Input data:
━━━━━━━━━━━━━━━━

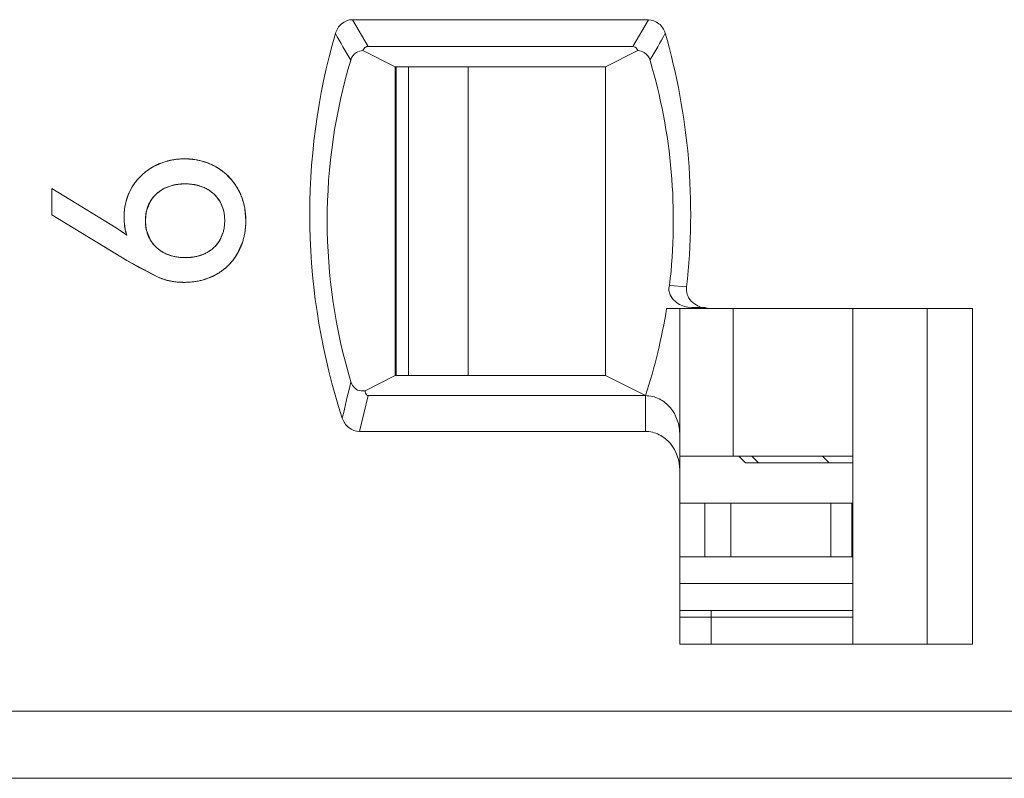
# Model space of a CAD drawing. Header units: inches. Extents: x 830 to 2908, y -1046 to 167.
# Tile 45 of 62: x 2677.72 to 2685.05, y -808.06 to -802.41. Entities that reach past the tile are written whole.
import ezdxf

# ---------------------------------------------------------------- set-up
doc = ezdxf.new("R2010")
doc.units = ezdxf.units.IN
doc.header["$LTSCALE"] = 23.1
doc.header["$MEASUREMENT"] = 0
doc.layers.get('0').update_dxf_attribs({"lineweight": 18})
for name, color, linetype, lineweight in [('1_11', 7, 'Continuous', 18), ('1_27', 7, 'Continuous', 18), ('1_39', 7, 'Continuous', 18), ('1_6', 7, 'Continuous', 18)]:
    doc.layers.add(name, color=color, linetype=linetype, lineweight=lineweight)

msp = doc.modelspace()

# ---------------------------------------------------------------- linework, layer by layer
at = {"color": 0, "linetype": 'Continuous', "lineweight": 0}
for p, q in [((2678.8676, -803.6443), (2678.8082, -803.6634)), ((2679.0911, -803.6638), (2679.0341, -803.6448)), ((2678.4345, -803.9639), (2677.9572, -803.6709)), ((2677.9572, -803.8668), (2677.9572, -803.6709)), ((2678.6906, -803.7647), (2678.6632, -803.8298)), ((2679.2336, -803.8301), (2679.209, -803.7698)), ((2679.3806, -803.7662), (2679.3905, -803.8059)), ((2677.9572, -803.8668), (2678.516, -804.2064)), ((2678.6588, -803.8498), (2678.6537, -803.9095)), ((2679.2436, -803.9095), (2679.2385, -803.8521)), ((2679.3939, -803.8248), (2679.4007, -803.9095)), ((2678.5033, -803.9772), (2678.4967, -803.9314)), ((2678.6539, -803.9215), (2678.6588, -803.9694)), ((2679.2387, -803.9676), (2679.2436, -803.9095)), ((2678.514, -804.0182), (2678.4345, -803.9639)), ((2678.4615, -803.9812), (2678.488, -803.9994)), ((2678.488, -803.9994), (2678.514, -804.0182)), ((2678.6628, -803.988), (2678.6905, -804.0548)), ((2679.2084, -804.0529), (2679.2335, -803.9912)), ((2679.3744, -804.0763), (2679.3425, -804.1482)), ((2678.516, -804.2064), (2678.3488, -804.1048)), ((2678.8081, -804.1573), (2678.8658, -804.1763)), ((2679.0332, -804.1767), (2679.0923, -804.1574)), ((2678.516, -804.2064), (2678.7478, -804.3315)), ((2678.7478, -804.3315), (2678.6021, -804.257)), ((2679.1795, -804.3112), (2679.109, -804.3427)), ((2678.8026, -804.3507), (2678.7478, -804.3315)), ((2678.8714, -804.3651), (2678.8117, -804.3532)), ((2678.9409, -804.3694), (2678.8802, -804.3661)), ((2679.0285, -804.3626), (2678.9409, -804.3694))]:
    msp.add_line(p, q, dxfattribs=at)
for centre, radius, start, end in [((2678.9245, -803.8892), 0.4362, 120.76457, 128.72822), ((2678.9237, -803.8878), 0.4347, 118.27557, 120.7655), ((2678.9299, -803.9004), 0.4487, 108.23638, 118.21537), ((2678.9368, -803.9198), 0.4693, 105.84868, 108.29168), ((2678.94, -803.9315), 0.4814, 101.16086, 105.83936), ((2678.9422, -803.9424), 0.4925, 98.98025, 101.17072), ((2678.9443, -803.9574), 0.5077, 89.95196, 98.94897), ((2678.9449, -803.9553), 0.5056, 80.05373, 90.01834), ((2678.9477, -803.9369), 0.4869, 78.41519, 80.0056), ((2678.9504, -803.9246), 0.4744, 73.54181, 78.42987), ((2678.9549, -803.9091), 0.4583, 70.42984, 73.53177), ((2678.9639, -803.8853), 0.4328, 60.41211, 70.49451), ((2678.9682, -803.8763), 0.4229, 55.01582, 60.3239), ((2678.9183, -803.8818), 0.4267, 128.703, 138.46438), ((2678.9614, -803.8862), 0.4348, 50.83167, 55.02318), ((2678.9576, -803.8909), 0.4409, 48.67091, 50.83718), ((2678.9543, -803.8945), 0.4458, 41.05888, 48.66446), ((2678.9047, -803.8675), 0.4073, 149.23912, 158.68874), ((2678.8943, -803.862), 0.3955, 143.66349, 149.14495), ((2678.9058, -803.8705), 0.4098, 138.4885, 143.666), ((2678.9397, -803.9806), 0.344, 100.63651, 102.08611), ((2678.9618, -803.9652), 0.3285, 77.28306, 79.09462), ((2678.9545, -803.8944), 0.4456, 38.82381, 41.06236), ((2678.9572, -803.8923), 0.4421, 34.67934, 38.82734), ((2678.9646, -803.8872), 0.4332, 29.51439, 34.68571), ((2678.9262, -803.8764), 0.4305, 158.62142, 160.98928), ((2678.9238, -803.9252), 0.2862, 113.82896, 116.47031), ((2678.9755, -803.9182), 0.2795, 62.60772, 65.57238), ((2678.9563, -803.8911), 0.4423, 16.3981, 29.42218), ((2678.9521, -803.8839), 0.4575, 167.78575, 170.50151), ((2678.9409, -803.8813), 0.446, 161.01295, 167.80689), ((2678.9922, -803.894), 0.2498, 29.80928, 31.62744), ((2678.9106, -803.903), 0.4896, 9.19632, 11.44381), ((2678.9516, -803.8843), 0.4571, 177.55811, 179.99782), ((2678.9559, -803.8845), 0.4613, 170.50194, 177.55652), ((2678.9353, -803.9), 0.281, 165.55096, 169.7088), ((2678.961, -803.9022), 0.282, 10.23272, 14.82473), ((2679.0217, -803.8845), 0.5272, 179.98445, 182.66489), ((2678.9855, -803.8861), 0.4909, 182.66593, 185.2934), ((2679.0254, -803.9096), 0.3717, 179.98363, 181.8393), ((2678.8715, -803.9138), 0.5291, 350.93291, 355.84557), ((2678.8447, -803.9116), 0.556, 355.82362, 358.02046), ((2678.8277, -803.911), 0.5729, 358.02014, 0.15262), ((2678.8719, -803.9036), 0.3758, 191.2825, 197.75266), ((2678.9388, -803.9187), 0.2846, 190.2522, 194.09714), ((2678.9566, -803.9181), 0.2864, 345.19657, 350.03575), ((2678.8961, -803.9175), 0.5042, 348.80514, 350.90949), ((2678.9894, -803.9275), 0.2524, 328.39447, 330.19761), ((2678.9376, -803.9276), 0.4615, 341.19423, 343.89489), ((2678.9245, -803.898), 0.2843, 242.89003, 245.84318), ((2678.9782, -803.9057), 0.2763, 294.38931, 297.14384), ((2678.98, -803.9445), 0.4158, 325.31736, 330.66006), ((2680.2286, -801.3906), 3.2957, 238.69129, 240.08791), ((2680.2055, -801.4305), 3.2496, 240.09047, 240.43534), ((2678.9392, -803.8468), 0.3376, 257.44161, 259.24231), ((2678.9622, -803.8503), 0.334, 280.79599, 282.27418), ((2678.9635, -803.9323), 0.4363, 311.25478, 318.76192), ((2678.9658, -803.9343), 0.4333, 318.76316, 321.20038), ((2678.9701, -803.9377), 0.4277, 321.19551, 325.326), ((2678.9759, -803.9489), 0.4156, 299.33656, 304.68212), ((2678.969, -803.939), 0.4277, 304.67372, 308.88737), ((2678.9655, -803.9345), 0.4333, 308.88215, 311.2533), ((2678.9386, -803.8803), 0.4897, 253.8767, 254.98567), ((2678.9346, -803.8807), 0.4884, 262.56357, 263.60003), ((2678.9487, -803.8629), 0.5061, 279.06878, 281.15853), ((2678.9595, -803.9081), 0.4596, 286.07909, 288.97378)]:
    msp.add_arc(centre, radius, start, end, dxfattribs=at)
for points, knots in [([(2678.7178, -803.505), (2678.7092, -803.5096), (2678.6925, -803.5193), (2678.6688, -803.5351), (2678.6501, -803.5495), (2678.6359, -803.5617), (2678.6255, -803.5711), (2678.6155, -803.581), (2678.6058, -803.5911), (2678.5964, -803.6016), (2678.5889, -803.6106), (2678.5831, -803.618), (2678.5788, -803.6236), (2678.5746, -803.6294), (2678.5711, -803.6342), (2678.5684, -803.6381), (2678.5664, -803.6411), (2678.5644, -803.644), (2678.5624, -803.647), (2678.5608, -803.6495), (2678.5595, -803.6516), (2678.5586, -803.6531), (2678.5578, -803.6543), (2678.5571, -803.6554), (2678.5566, -803.6561), (2678.5562, -803.6569), (2678.5558, -803.6575), (2678.5555, -803.6581), (2678.5553, -803.6584), (2678.5551, -803.6586), (2678.555, -803.6588), (2678.5549, -803.659), (2678.5548, -803.6591), (2678.5548, -803.6592), (2678.5548, -803.6592), (2678.5548, -803.6592)], [0, 0, 0, 0, 0.125, 0.25, 0.375, 0.4375, 0.5, 0.5625, 0.625001, 0.687501, 0.750001, 0.781251, 0.812501, 0.843751, 0.875001, 0.890626, 0.906251, 0.921876, 0.937501, 0.953126, 0.960938, 0.968751, 0.976563, 0.98047, 0.984376, 0.988282, 0.992188, 0.994141, 0.996095, 0.997071, 0.998048, 0.999024, 0.999513, 0.999757, 1, 1, 1, 1]), ([(2678.9448, -803.4497), (2678.9344, -803.4497), (2678.9139, -803.4503), (2678.8839, -803.4529), (2678.8594, -803.4565), (2678.8401, -803.4602), (2678.8259, -803.4635), (2678.8118, -803.4672), (2678.7978, -803.4713), (2678.7841, -803.4758), (2678.7727, -803.4799), (2678.7637, -803.4835), (2678.757, -803.4862), (2678.7504, -803.4891), (2678.7449, -803.4916), (2678.7405, -803.4936), (2678.7372, -803.4951), (2678.7339, -803.4967), (2678.7307, -803.4983), (2678.728, -803.4997), (2678.7258, -803.5008), (2678.7242, -803.5016), (2678.7229, -803.5023), (2678.7218, -803.5029), (2678.721, -803.5033), (2678.7202, -803.5037), (2678.7195, -803.5041), (2678.719, -803.5044), (2678.7186, -803.5045), (2678.7184, -803.5047), (2678.7182, -803.5048), (2678.718, -803.5049), (2678.7179, -803.505), (2678.7178, -803.505), (2678.7178, -803.505), (2678.7178, -803.505)], [0, 0, 0, 0, 0.125, 0.25, 0.375, 0.4375, 0.5, 0.5625, 0.625001, 0.687501, 0.750001, 0.781251, 0.812501, 0.843751, 0.875001, 0.890626, 0.906251, 0.921876, 0.937501, 0.953126, 0.960938, 0.968751, 0.976563, 0.98047, 0.984376, 0.988282, 0.992188, 0.994141, 0.996095, 0.997071, 0.998048, 0.999024, 0.999513, 0.999757, 1, 1, 1, 1]), ([(2679.1776, -803.5089), (2679.1688, -803.504), (2679.1511, -803.4947), (2679.1239, -803.4827), (2679.1005, -803.4743), (2679.0815, -803.4684), (2679.067, -803.4645), (2679.0524, -803.461), (2679.0375, -803.458), (2679.0225, -803.4554), (2679.0099, -803.4537), (2678.9997, -803.4525), (2678.9919, -803.4518), (2678.9842, -803.4511), (2678.9777, -803.4507), (2678.9725, -803.4504), (2678.9686, -803.4502), (2678.9646, -803.4501), (2678.9607, -803.4499), (2678.9574, -803.4499), (2678.9547, -803.4498), (2678.9527, -803.4498), (2678.9511, -803.4497), (2678.9498, -803.4497), (2678.9488, -803.4497), (2678.9478, -803.4497), (2678.9469, -803.4497), (2678.9463, -803.4497), (2678.9458, -803.4497), (2678.9455, -803.4497), (2678.9453, -803.4497), (2678.9451, -803.4497), (2678.9449, -803.4497), (2678.9448, -803.4497), (2678.9448, -803.4497), (2678.9448, -803.4497)], [0, 0, 0, 0, 0.125, 0.25, 0.375, 0.4375, 0.5, 0.5625, 0.625001, 0.687501, 0.750001, 0.781251, 0.812501, 0.843751, 0.875001, 0.890626, 0.906251, 0.921876, 0.937501, 0.953126, 0.960938, 0.968751, 0.976563, 0.98047, 0.984376, 0.988282, 0.992188, 0.994141, 0.996095, 0.997071, 0.998048, 0.999024, 0.999513, 0.999757, 1, 1, 1, 1]), ([(2679.3416, -803.6738), (2679.3366, -803.665), (2679.3263, -803.6479), (2679.3094, -803.6236), (2679.2941, -803.6046), (2679.2811, -803.5901), (2679.271, -803.5796), (2679.2606, -803.5695), (2679.2498, -803.5598), (2679.2387, -803.5504), (2679.2291, -803.5428), (2679.2212, -803.537), (2679.2153, -803.5327), (2679.2092, -803.5285), (2679.2041, -803.5251), (2679.1999, -803.5224), (2679.1968, -803.5204), (2679.1936, -803.5184), (2679.1905, -803.5165), (2679.1878, -803.5149), (2679.1857, -803.5136), (2679.1841, -803.5126), (2679.1827, -803.5119), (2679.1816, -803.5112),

━━━━━━━━━━━━━━━━

Exercise objective: Across the whole listing, tally the lines that include the string "linetype". Reply with the number only.

Exercise answer: 3